Dataset items:
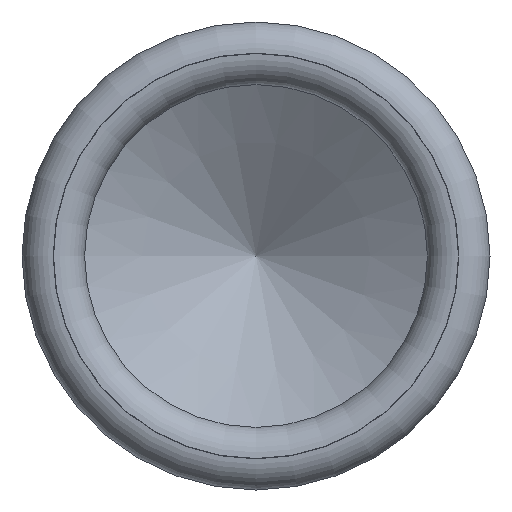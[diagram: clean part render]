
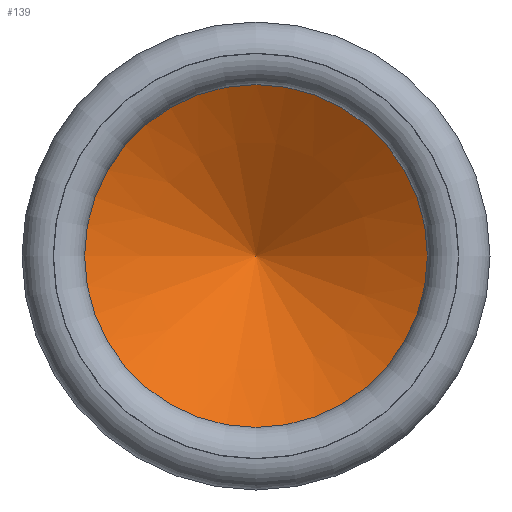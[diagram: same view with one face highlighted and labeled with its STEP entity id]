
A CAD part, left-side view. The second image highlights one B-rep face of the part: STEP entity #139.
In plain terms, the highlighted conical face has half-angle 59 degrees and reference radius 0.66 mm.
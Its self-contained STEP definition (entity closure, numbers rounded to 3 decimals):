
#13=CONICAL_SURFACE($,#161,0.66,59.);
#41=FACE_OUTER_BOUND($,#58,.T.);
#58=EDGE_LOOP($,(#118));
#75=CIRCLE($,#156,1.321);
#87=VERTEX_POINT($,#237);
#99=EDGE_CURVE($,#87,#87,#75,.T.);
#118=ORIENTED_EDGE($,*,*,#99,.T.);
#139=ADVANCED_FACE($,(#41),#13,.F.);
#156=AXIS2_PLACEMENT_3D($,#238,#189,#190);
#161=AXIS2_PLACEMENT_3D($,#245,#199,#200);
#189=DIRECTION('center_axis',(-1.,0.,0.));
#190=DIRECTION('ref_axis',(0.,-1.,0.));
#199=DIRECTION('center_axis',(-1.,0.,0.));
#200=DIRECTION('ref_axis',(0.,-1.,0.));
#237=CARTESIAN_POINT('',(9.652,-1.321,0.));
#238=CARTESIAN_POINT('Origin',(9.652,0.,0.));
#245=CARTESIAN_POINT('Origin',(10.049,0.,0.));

Task:
None of the pictures should be copied, but every record above must be returned exactly.

Solution below:
[diagram: clean part render]
[diagram: same view with one face highlighted and labeled with its STEP entity id]
A CAD part, left-side view. The second image highlights one B-rep face of the part: STEP entity #139.
In plain terms, the highlighted conical face has half-angle 59 degrees and reference radius 0.66 mm.
Its self-contained STEP definition (entity closure, numbers rounded to 3 decimals):
#13=CONICAL_SURFACE($,#161,0.66,59.);
#41=FACE_OUTER_BOUND($,#58,.T.);
#58=EDGE_LOOP($,(#118));
#75=CIRCLE($,#156,1.321);
#87=VERTEX_POINT($,#237);
#99=EDGE_CURVE($,#87,#87,#75,.T.);
#118=ORIENTED_EDGE($,*,*,#99,.T.);
#139=ADVANCED_FACE($,(#41),#13,.F.);
#156=AXIS2_PLACEMENT_3D($,#238,#189,#190);
#161=AXIS2_PLACEMENT_3D($,#245,#199,#200);
#189=DIRECTION('center_axis',(-1.,0.,0.));
#190=DIRECTION('ref_axis',(0.,-1.,0.));
#199=DIRECTION('center_axis',(-1.,0.,0.));
#200=DIRECTION('ref_axis',(0.,-1.,0.));
#237=CARTESIAN_POINT('',(9.652,-1.321,0.));
#238=CARTESIAN_POINT('Origin',(9.652,0.,0.));
#245=CARTESIAN_POINT('Origin',(10.049,0.,0.));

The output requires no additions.